Spectacle. Casif de Sidi Fredj (Alger), Sublime soirée avec Lounis Aït Menguellet

Comme d’habitude, l’artiste a encore subjugué le public avec l’ambiguïté des sens qu’il insuffle aux mots. Des mots ciselés à l’image d’un orfèvre des plus émérites.Le théâtre le Casif à Sidi Fredj (Alger) a accueilli, lundi dernier, le chanteur kabyle, Lounis Aït Menguellet.
Le concert a drainé un public nombreux adepte de la poésie et de la chanson à texte. L’artiste a interprété un répertoire riche où sentiments, vicissitudes de la vie, engagement sont mis en lumière avec sagesse et lucidité. Aït Menguellet est accompagné entre autres par l’artiste Rabah Tissilia (guitare), son fils Djaâffar à la flûte et le percussionniste Saïd Ghezli, ce qui a donné aux airs musicaux une âme du terroir. Ainsi, à les entendre, le spectateur ne se sent pas dépaysé ni cloué dans l’exotisme. Aït Menguellet entame la soirée avec Tekesm el mahna, pour ensuite interpréter des chansons sentimentales à l’exemple de Matrud ula dnek aketer, Tafat ned dunitiw, Sabr aauliw. Autres chansons savourées, Nekni swarrac elezzayeer, Asunejma, Askuti et Attes, attes.
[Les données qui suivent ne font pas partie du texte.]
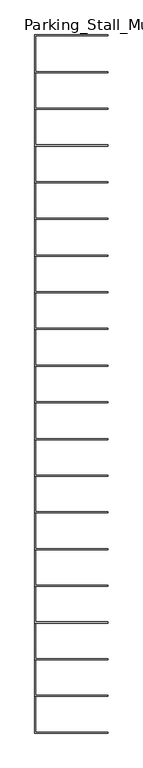
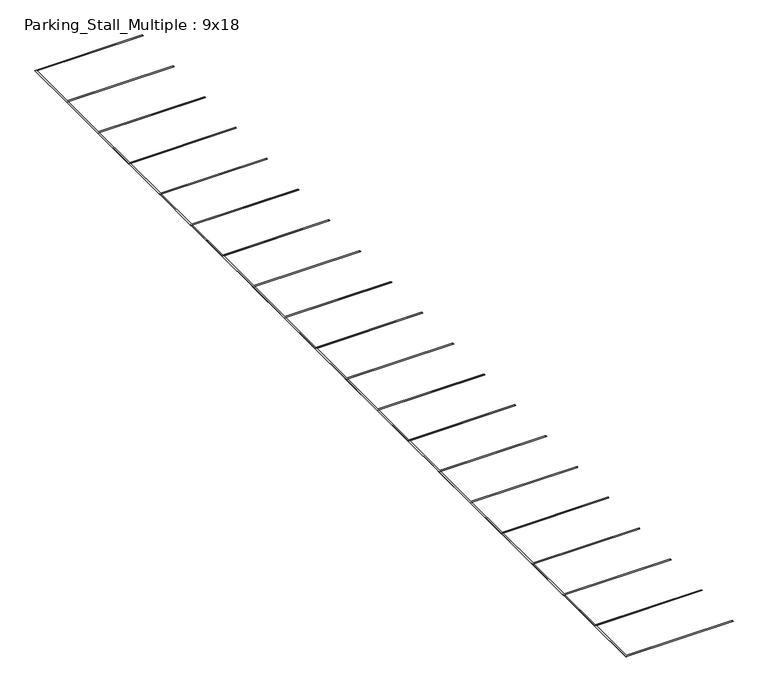
"""IFC4 building model written with IfcOpenShell, lengths in millimetres: proxy geometry, Parking_Stall_Multiple : 9x18."""

from ifc_helpers import new_model, si_unit, origin, origin_with_axes, place, context, project, spatial, polyline, outline, extrude, source, transform, mapped, element, save


def parking_stall_multiple_9x18_bfa5105c(model_context):
    return source(origin(), model_context, "Body", "SweptSolid", [
        extrude(outline(polyline([(5486.4, 49377.6), (0.0, 49377.6), (0.0, 52197.0), (5486.4, 52197.0), (5486.4, 52120.8), (76.2, 52120.8), (76.2, 49453.8), (5486.4, 49453.8), (5486.4, 49377.6)])), origin_with_axes(), (0.0, 0.0, 1.0), 6.35),
        extrude(outline(polyline([(5486.4, 46634.4), (0.0, 46634.4), (0.0, 49453.8), (5486.4, 49453.8), (5486.4, 49377.6), (76.2, 49377.6), (76.2, 46710.6), (5486.4, 46710.6), (5486.4, 46634.4)])), origin_with_axes(), (0.0, 0.0, 1.0), 6.35),
        extrude(outline(polyline([(5486.4, 43891.2), (0.0, 43891.2), (0.0, 46710.6), (5486.4, 46710.6), (5486.4, 46634.4), (76.2, 46634.4), (76.2, 43967.4), (5486.4, 43967.4), (5486.4, 43891.2)])), origin_with_axes(), (0.0, 0.0, 1.0), 6.35),
        extrude(outline(polyline([(5486.4, 41148.0), (0.0, 41148.0), (0.0, 43967.4), (5486.4, 43967.4), (5486.4, 43891.2), (76.2, 43891.2), (76.2, 41224.2), (5486.4, 41224.2), (5486.4, 41148.0)])), origin_with_axes(), (0.0, 0.0, 1.0), 6.35),
        extrude(outline(polyline([(5486.4, 38404.8), (0.0, 38404.8), (0.0, 41224.2), (5486.4, 41224.2), (5486.4, 41148.0), (76.2, 41148.0), (76.2, 38481.0), (5486.4, 38481.0), (5486.4, 38404.8)])), origin_with_axes(), (0.0, 0.0, 1.0), 6.35),
        extrude(outline(polyline([(5486.4, 35661.6), (0.0, 35661.6), (0.0, 38481.0), (5486.4, 38481.0), (5486.4, 38404.8), (76.2, 38404.8), (76.2, 35737.8), (5486.4, 35737.8), (5486.4, 35661.6)])), origin_with_axes(), (0.0, 0.0, 1.0), 6.35),
        extrude(outline(polyline([(5486.4, 32918.4), (0.0, 32918.4), (0.0, 35737.8), (5486.4, 35737.8), (5486.4, 35661.6), (76.2, 35661.6), (76.2, 32994.6), (5486.4, 32994.6), (5486.4, 32918.4)])), origin_with_axes(), (0.0, 0.0, 1.0), 6.35),
        extrude(outline(polyline([(5486.4, 30175.2), (0.0, 30175.2), (0.0, 32994.6), (5486.4, 32994.6), (5486.4, 32918.4), (76.2, 32918.4), (76.2, 30251.4), (5486.4, 30251.4), (5486.4, 30175.2)])), origin_with_axes(), (0.0, 0.0, 1.0), 6.35),
        extrude(outline(polyline([(5486.4, 27432.0), (0.0, 27432.0), (0.0, 30251.4), (5486.4, 30251.4), (5486.4, 30175.2), (76.2, 30175.2), (76.2, 27508.2), (5486.4, 27508.2), (5486.4, 27432.0)])), origin_with_axes(), (0.0, 0.0, 1.0), 6.35),
        extrude(outline(polyline([(5486.4, 24688.8), (0.0, 24688.8), (0.0, 27508.2), (5486.4, 27508.2), (5486.4, 27432.0), (76.2, 27432.0), (76.2, 24765.0), (5486.4, 24765.0), (5486.4, 24688.8)])), origin_with_axes(), (0.0, 0.0, 1.0), 6.35),
        extrude(outline(polyline([(5486.4, 21945.6), (0.0, 21945.6), (0.0, 24765.0), (5486.4, 24765.0), (5486.4, 24688.8), (76.2, 24688.8), (76.2, 22021.8), (5486.4, 22021.8), (5486.4, 21945.6)])), origin_with_axes(), (0.0, 0.0, 1.0), 6.35),
        extrude(outline(polyline([(5486.4, 19202.4), (0.0, 19202.4), (0.0, 22021.8), (5486.4, 22021.8), (5486.4, 21945.6), (76.2, 21945.6), (76.2, 19278.6), (5486.4, 19278.6), (5486.4, 19202.4)])), origin_with_axes(), (0.0, 0.0, 1.0), 6.35),
        extrude(outline(polyline([(5486.4, 16459.2), (0.0, 16459.2), (0.0, 19278.6), (5486.4, 19278.6), (5486.4, 19202.4), (76.2, 19202.4), (76.2, 16535.4), (5486.4, 16535.4), (5486.4, 16459.2)])), origin_with_axes(), (0.0, 0.0, 1.0), 6.35),
        extrude(outline(polyline([(5486.4, 13716.0), (0.0, 13716.0), (0.0, 16535.4), (5486.4, 16535.4), (5486.4, 16459.2), (76.2, 16459.2), (76.2, 13792.2), (5486.4, 13792.2), (5486.4, 13716.0)])), origin_with_axes(), (0.0, 0.0, 1.0), 6.35),
        extrude(outline(polyline([(5486.4, 10972.8), (0.0, 10972.8), (0.0, 13792.2), (5486.4, 13792.2), (5486.4, 13716.0), (76.2, 13716.0), (76.2, 11049.0), (5486.4, 11049.0), (5486.4, 10972.8)])), origin_with_axes(), (0.0, 0.0, 1.0), 6.35),
        extrude(outline(polyline([(5486.4, 8229.6), (0.0, 8229.6), (0.0, 11049.0), (5486.4, 11049.0), (5486.4, 10972.8), (76.2, 10972.8), (76.2, 8305.8), (5486.4, 8305.8), (5486.4, 8229.6)])), origin_with_axes(), (0.0, 0.0, 1.0), 6.35),
        extrude(outline(polyline([(5486.4, 5486.4), (0.0, 5486.4), (0.0, 8305.8), (5486.4, 8305.8), (5486.4, 8229.6), (76.2, 8229.6), (76.2, 5562.6), (5486.4, 5562.6), (5486.4, 5486.4)])), origin_with_axes(), (0.0, 0.0, 1.0), 6.35),
        extrude(outline(polyline([(5486.4, 2743.2), (0.0, 2743.2), (0.0, 5562.6), (5486.4, 5562.6), (5486.4, 5486.4), (76.2, 5486.4), (76.2, 2819.4), (5486.4, 2819.4), (5486.4, 2743.2)])), origin_with_axes(), (0.0, 0.0, 1.0), 6.35),
        extrude(outline(polyline([(5486.4, 0.0), (0.0, 0.0), (0.0, 2819.4), (5486.4, 2819.4), (5486.4, 2743.2), (76.2, 2743.2), (76.2, 76.2), (5486.4, 76.2), (5486.4, 0.0)])), origin_with_axes(), (0.0, 0.0, 1.0), 6.35),
    ])


if __name__ == "__main__":
    model = new_model("IFC4")
    model_context = context("Model", 3, world=origin())
    ifc_project = project(units=[si_unit("LENGTHUNIT", "METRE", prefix="MILLI")], contexts=[model_context])
    site = spatial("IfcSite", under=ifc_project)
    building = spatial("IfcBuilding", under=site)
    placement = place(None, origin())
    parking_stall_multiple_9x18_shape = parking_stall_multiple_9x18_bfa5105c(model_context)
    element("IfcBuildingElementProxy", 1, Name="Parking_Stall_Multiple : 9x18", ObjectType="Parking_Stall_Multiple : 9x18", at=placement, inside=building, context=model_context, shape_type="MappedRepresentation", body=[
        mapped(parking_stall_multiple_9x18_shape, transform((0.0, 0.0, 0.0), x_axis=(1.0, 0.0, 0.0), y_axis=(0.0, 1.0, 0.0), z_axis=(0.0, 0.0, 1.0))),
    ])
    save(model, "model.ifc")

# Revit data of these elements
# Type "Parking_Stall_Multiple : 9x18"
#   Parking_Width_M = 9' - 0"
#   Parking_Run_Length [instance default] = 65' - 0"
#   Parking_Line_Width = 0' - 3"
#   Parking_Length_M = 18' - 0"
#   Single_Parking_Visibility [instance default] = no
#   Parking_ADA_Symbol = no
#   ParkingUnitsArray [instance default] = 7
#   ParkingUnits [instance default] = 7
#   Multiple_Parking_Visibility [instance default] = yes
#   Parking_Line_Material = none
# Element 1 (IfcBuildingElementProxy, "Parking_Stall_Multiple : 9x18")
#   Parking_Run_Length = 171' - 6.01339"
#   ParkingUnitsArray = 19
#   ParkingUnits = 19

Dans cette chanson, il dit en résumé :

Dors, dors, il n’est pas temps encore

Ce n’est pas ton tour de parole,

Toi qui a perdu le sommeil.

(…)

Parcours le Caire de bout en bout,

Oiseau porte leur mon message.

Dis leur : les caisses d’opium

Que vous nous avez envoyées,

Nous les avons reçues.

Dis leur : bannissez l’inquiétude,

Ceux que vous craignez sont tous endormis.

(…)

Ils te bercent jusqu’à t’endormir,

Te couvrent,

Tout ce que tu désires existe

En rêve tout est facile

Referme les yeux et rendors-toi

De peur que nous te réveillions

Dors, dors, il n’est pas temps encore,

Ce n’est pas ton tour de parole.

Toi qui a perdu le sommeil,

Tu le retrouveras dans notre pays,

(…)

L’artiste gratifie le public d’une autre chansons non moins dépourvue d’images et de métaphores, à savoir Akka ammi, inspirée du livre de Machiavel Le prince, pour boucler la soirée avec Kecini ruh nek adeqquimet. Une soirée où le ciseleur des mots à l’image d’un orfèvre des plus émérites a su inoculer à son public l’amour de la poésie avec un support musical qui plonge ses racines dans les tréfonds de la montagne. Les spectateurs n’ont pas beaucoup dansé malgré les rythmes intenses qu’a donnés l’artiste à plusieurs de ses chansons. En effet, on ne se livre pas aux chants de Lounis Aït Menguellet, on les apprécie. Et pour ce faire, il faut être distant pour les écouter. Peut-être, le spectateur pourra-t-il découvrir du moins en partie infinitésimale l’art de jouer avec l’ambiguïté des sens, une des caractéristiques de la poésie de Lounis Aït Menguellet.